From: Jack Thomson <jackabt.amazon@gmail.com>
To: maz@kernel.org, oupton@kernel.org, pbonzini@redhat.com
Cc: joey.gouly@arm.com, seiden@linux.ibm.com, suzuki.poulose@arm.com,
yuzenghui@huawei.com, catalin.marinas@arm.com, will@kernel.org,
shuah@kernel.org, corbet@lwn.net, vladimir.murzin@arm.com,
linux-arm-kernel@lists.infradead.org, kvmarm@lists.linux.dev,
kvm@vger.kernel.org, linux-kernel@vger.kernel.org,
linux-kselftest@vger.kernel.org, linux-doc@vger.kernel.org,
isaku.yamahata@intel.com, Jack Thomson <jackabt@amazon.com>
Subject: [PATCH v5 5/5] KVM: selftests: Add nested pre-fault test for arm64
Date: Fri, 12 Jun 2026 17:23:53 +0100 [thread overview]
Message-ID: <20260612162354.73378-6-jackabt.amazon@gmail.com> (raw)
In-Reply-To: <20260612162354.73378-1-jackabt.amazon@gmail.com>
From: Jack Thomson <jackabt@amazon.com>
Add an arm64 nested-virt selftest for KVM_PRE_FAULT_MEMORY. The guest
enters vEL1 and exits to userspace with a nested/shadow stage-2 MMU as
the vCPU's last-run context.
Before prefaulting, userspace enables HCR_EL2.VM and points VTTBR_EL2 at
an empty nested stage-2 root. A prefault implementation that incorrectly
treats the userspace GPA as an L2 IPA will fail the ioctl; the correct
path swaps to the canonical stage-2 and succeeds.

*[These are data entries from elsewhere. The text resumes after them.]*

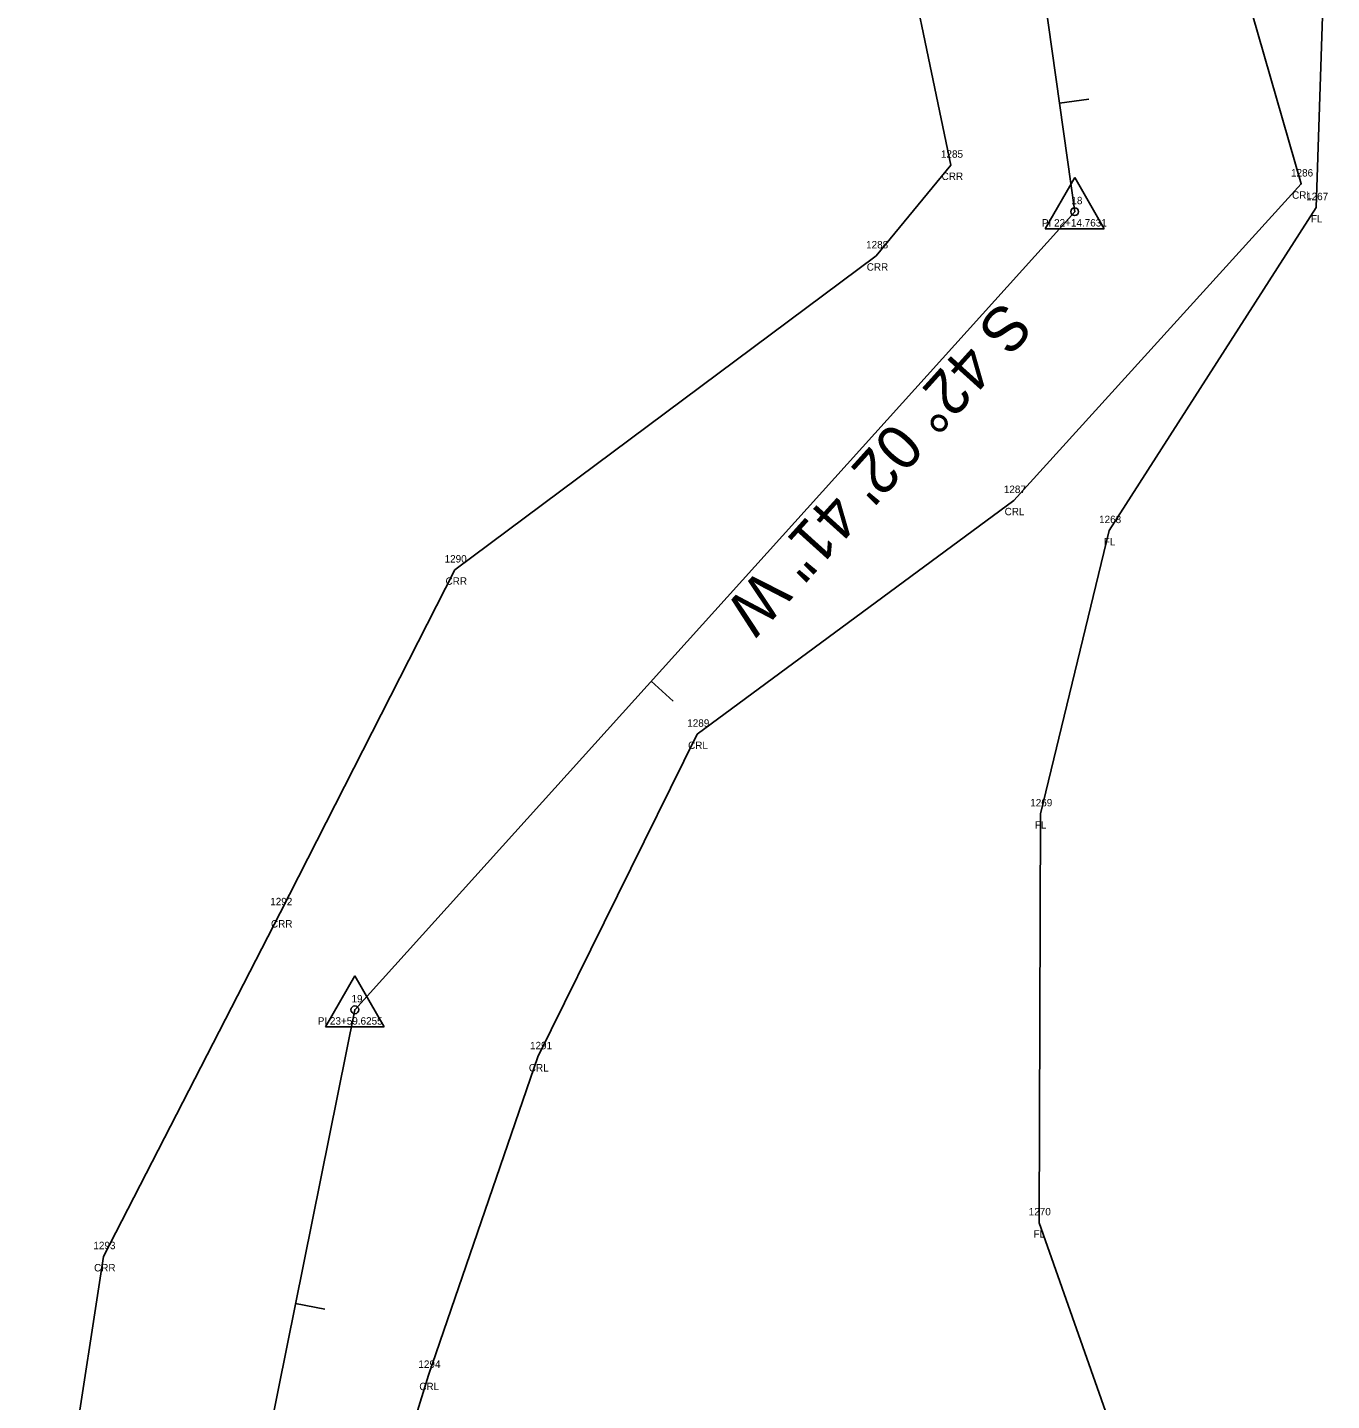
# Model space of a CAD drawing. Extents: x 1964982 to 1970527, y 1116335 to 1119906.
# Drawn here: x 1967789.9 to 1967965.7, y 1118027.3 to 1118212.4 of the extents above; entities that cross this region are included whole.
import ezdxf

# ---------------------------------------------------------------- set-up
doc = ezdxf.new("R2010")
doc.units = 0
for name, color, linetype in [('RD_EX_DV_Prop', 7, 'Continuous'), ('RD_EX_Fence_Other', 7, 'Continuous'), ('RD_EX_Fence_Other_txCode', 7, 'Continuous'), ('RD_EX_H2O', 7, 'Continuous'), ('RD_EX_H2O_txCode', 7, 'Continuous'), ('RD_HC_CL', 7, 'Continuous'), ('RD_HC_Data', 7, 'Continuous'), ('RD_HC_Data_Tic', 7, 'Continuous'), ('RD_HC_txCode', 7, 'Continuous'), ('RD_SMD_Locator', 7, 'Continuous')]:
    doc.layers.add(name, color=color, linetype=linetype)

msp = doc.modelspace()

# ---------------------------------------------------------------- linework, layer by layer
at = {"layer": 'RD_EX_DV_Prop'}
for p, q in [((1967911.37, 1118327.66), (1967931.05, 1118187.54)), ((1967931.05, 1118187.54), (1967834.04, 1118079.96)), ((1967834.04, 1118079.96), (1967804.81, 1117934.87))]:
    msp.add_line(p, q, dxfattribs=at)
at = {"layer": 'RD_EX_Fence_Other'}
msp.add_lwpolyline([(1967920.92, 1118368.66), (1967937.87, 1118342.4), (1967954.81, 1118301.31), (1967965.67, 1118250.56), (1967963.61, 1118188.09), (1967935.71, 1118144.56), (1967926.43, 1118106.38), (1967926.25, 1118051.25), (1967941.61, 1118007.63), (1967945.93, 1117995.37)], dxfattribs=at)
at = {"layer": 'RD_EX_H2O'}
for points in [[(1967852.4, 1118390.04), (1967912.21, 1118383.64), (1967925.08, 1118336.82), (1967944.14, 1118294.4), (1967946.67, 1118243.15), (1967961.58, 1118191.28), (1967922.84, 1118148.62), (1967880.18, 1118117.11), (1967858.72, 1118073.64), (1967843.96, 1118030.69), (1967829.77, 1117984.65), (1967829.63, 1117934.73), (1967834.65, 1117903.36)], [(1967848.54, 1118347.45), (1967880.38, 1118337.78), (1967886.93, 1118331.58), (1967896.4, 1118282.85), (1967906.33, 1118232.39), (1967914.38, 1118193.81), (1967904.29, 1118181.59), (1967847.52, 1118139.25), (1967823.99, 1118093.05), (1967800.15, 1118046.69), (1967791.83, 1117992.41), (1967789.93, 1117935.61), (1967798.32, 1117889.19), (1967796.67, 1117880.97)]]:
    msp.add_lwpolyline(points, dxfattribs=at)
at = {"layer": 'RD_HC_CL'}
for p, q in [((1967911.37, 1118327.66), (1967931.05, 1118187.54)), ((1967931.05, 1118187.54), (1967834.04, 1118079.96)), ((1967834.04, 1118079.96), (1967804.81, 1117934.87))]:
    msp.add_line(p, q, dxfattribs=at)
at = {"layer": 'RD_HC_Data'}
for p, q in [((1967927.08, 1118185.25), (1967931.06, 1118192.13)), ((1967931.06, 1118192.13), (1967935.02, 1118185.25)), ((1967927.08, 1118185.25), (1967935.02, 1118185.25)), ((1967830.07, 1118077.67), (1967834.04, 1118084.55)), ((1967834.04, 1118084.55), (1967838.01, 1118077.67)), ((1967830.07, 1118077.67), (1967838.01, 1118077.67))]:
    msp.add_line(p, q, dxfattribs=at)
for centre in [(1967931.05, 1118187.54), (1967834.04, 1118079.96)]:
    msp.add_circle(centre, 0.529, dxfattribs=at)
at = {"layer": 'RD_HC_Data_Tic'}
for p, q in [((1967929, 1118202.16), (1967932.96, 1118202.72)), ((1967873.97, 1118124.24), (1967876.94, 1118121.56)), ((1967826.06, 1118040.38), (1967829.99, 1118039.59))]:
    msp.add_line(p, q, dxfattribs=at)
at = {"layer": 'RD_SMD_Locator'}
for centre in [(1967914.38, 1118193.81), (1967961.58, 1118191.28), (1967931.05, 1118187.54), (1967963.61, 1118188.09), (1967904.29, 1118181.59), (1967922.84, 1118148.62), (1967935.71, 1118144.56), (1967847.52, 1118139.25), (1967880.18, 1118117.11), (1967926.43, 1118106.38), (1967823.99, 1118093.05), (1967834.04, 1118079.96), (1967858.72, 1118073.64), (1967926.25, 1118051.25), (1967800.15, 1118046.69), (1967843.96, 1118030.69)]:
    msp.add_circle(centre, 0.001, dxfattribs=at)

# ---------------------------------------------------------------- texts
at = {"layer": 'RD_EX_Fence_Other_txCode'}
for s, p in [('1267', (1967962.24, 1118189.09)), ('FL', (1967962.88, 1118186.09)), ('1268', (1967934.34, 1118145.56)), ('FL', (1967934.98, 1118142.56)), ('1269', (1967925.06, 1118107.38)), ('FL', (1967925.69, 1118104.38)), ('1270', (1967924.86, 1118052.25)), ('FL', (1967925.51, 1118049.25))]:
    msp.add_text(s, height=1, dxfattribs=at).set_placement(p)
at = {"layer": 'RD_EX_H2O_txCode'}
for s, p in [('1285', (1967913.03, 1118194.81)), ('1286', (1967960.21, 1118192.28)), ('CRR', (1967913.12, 1118191.81)), ('CRL', (1967960.35, 1118189.28)), ('1288', (1967902.94, 1118182.59)), ('CRR', (1967903.03, 1118179.59)), ('1287', (1967921.5, 1118149.62)), ('CRL', (1967921.61, 1118146.62)), ('1290', (1967846.14, 1118140.25)), ('CRR', (1967846.27, 1118137.25)), ('1289', (1967878.84, 1118118.11)), ('CRL', (1967878.95, 1118115.11)), ('1292', (1967822.64, 1118094.05)), ('CRR', (1967822.74, 1118091.05)), ('1291', (1967857.65, 1118074.64)), ('CRL', (1967857.49, 1118071.64)), ('1293', (1967798.81, 1118047.69)), ('CRR', (1967798.9, 1118044.69)), ('1294', (1967842.61, 1118031.69)), ('CRL', (1967842.73, 1118028.69))]:
    msp.add_text(s, height=1, dxfattribs=at).set_placement(p)
at = {"layer": 'RD_HC_Data'}
msp.add_text('S 42° 02\' 41" W', height=6, rotation=227.9551, dxfattribs=at).set_placement((1967921.3, 1118175.76))
at = {"layer": 'RD_HC_txCode'}
for s, p in [('18', (1967930.61, 1118188.54)), ('PI 22+14.7631', (1967926.64, 1118185.54)), ('19', (1967833.59, 1118080.96)), ('PI 23+59.6255', (1967829.05, 1118077.96))]:
    msp.add_text(s, height=1, dxfattribs=at).set_placement(p)

doc.saveas('drawing.dxf')

Restore the original nested state before resuming the guest, then touch
the prefaulted range to check that vEL1 still runs correctly.
Signed-off-by: Jack Thomson <jackabt@amazon.com>
---
tools/testing/selftests/kvm/Makefile.kvm | 1 +
.../kvm/arm64/nv_pre_fault_memory_test.c | 200 ++++++++++++++++++
2 files changed, 201 insertions(+)
create mode 100644 tools/testing/selftests/kvm/arm64/nv_pre_fault_memory_test.c
diff --git a/tools/testing/selftests/kvm/Makefile.kvm b/tools/testing/selftests/kvm/Makefile.kvm
index 4609d8f23e38..63d79245b47d 100644
--- a/tools/testing/selftests/kvm/Makefile.kvm
+++ b/tools/testing/selftests/kvm/Makefile.kvm
@@ -170,6 +170,7 @@ TEST_GEN_PROGS_arm64 += arm64/debug-exceptions
TEST_GEN_PROGS_arm64 += arm64/hello_el2
TEST_GEN_PROGS_arm64 += arm64/host_sve
TEST_GEN_PROGS_arm64 += arm64/hypercalls
+TEST_GEN_PROGS_arm64 += arm64/nv_pre_fault_memory_test
TEST_GEN_PROGS_arm64 += arm64/external_aborts
TEST_GEN_PROGS_arm64 += arm64/page_fault_test
TEST_GEN_PROGS_arm64 += arm64/psci_test
diff --git a/tools/testing/selftests/kvm/arm64/nv_pre_fault_memory_test.c b/tools/testing/selftests/kvm/arm64/nv_pre_fault_memory_test.c
new file mode 100644
index 000000000000..2bbd5540599c
--- /dev/null
+++ b/tools/testing/selftests/kvm/arm64/nv_pre_fault_memory_test.c
@@ -0,0 +1,200 @@
+// SPDX-License-Identifier: GPL-2.0-only
+/*
+ * nv_pre_fault_memory_test - Test KVM_PRE_FAULT_MEMORY on a vCPU whose
+ * last-run context is nested.
+ *
+ * The guest starts at vEL2, mirrors its EL2 translation regime into the
+ * real EL1 registers, drops HCR_EL2.TGE and ERETs to vEL1, then exits to
+ * userspace from vEL1 so that the vCPU's last-run context selects a
+ * shadow stage-2 MMU. Userspace then enables an empty nested stage-2
+ * before prefaulting. Prefaulting must target the canonical stage-2,
+ * regardless of the vCPU's nested state.
+ */
+#include "kvm_util.h"
+#include "processor.h"
+#include "test_util.h"
+#include "ucall.h"
+
+#include <asm/sysreg.h>
+#include <linux/sizes.h>
+
+#define TEST_MEM_SLOT 10
+#define NESTED_S2_ROOT_SLOT 11
+#define TEST_MEM_SIZE SZ_2M
+#define TEST_MEM_GPA SZ_1G
+#define NESTED_S2_ROOT_GPA (TEST_MEM_GPA + TEST_MEM_SIZE)
+
+struct nested_s2_state {
+ u64 hcr_el2;
+ u64 vttbr_el2;
+};
+
+static void guest_el1_code(void)
+{
+ u64 offset;
+
+ GUEST_ASSERT_EQ(get_current_el(), 1);
+
+ /* Exit to userspace with the vEL1 (nested) context live. */
+ GUEST_SYNC(1);
+
+ /*
+ * Touch the prefaulted range. vstage-2 is disabled, so the shadow
+ * stage-2 is a 1:1 view of the canonical IPA space.
+ */
+ for (offset = 0; offset < TEST_MEM_SIZE; offset += SZ_4K)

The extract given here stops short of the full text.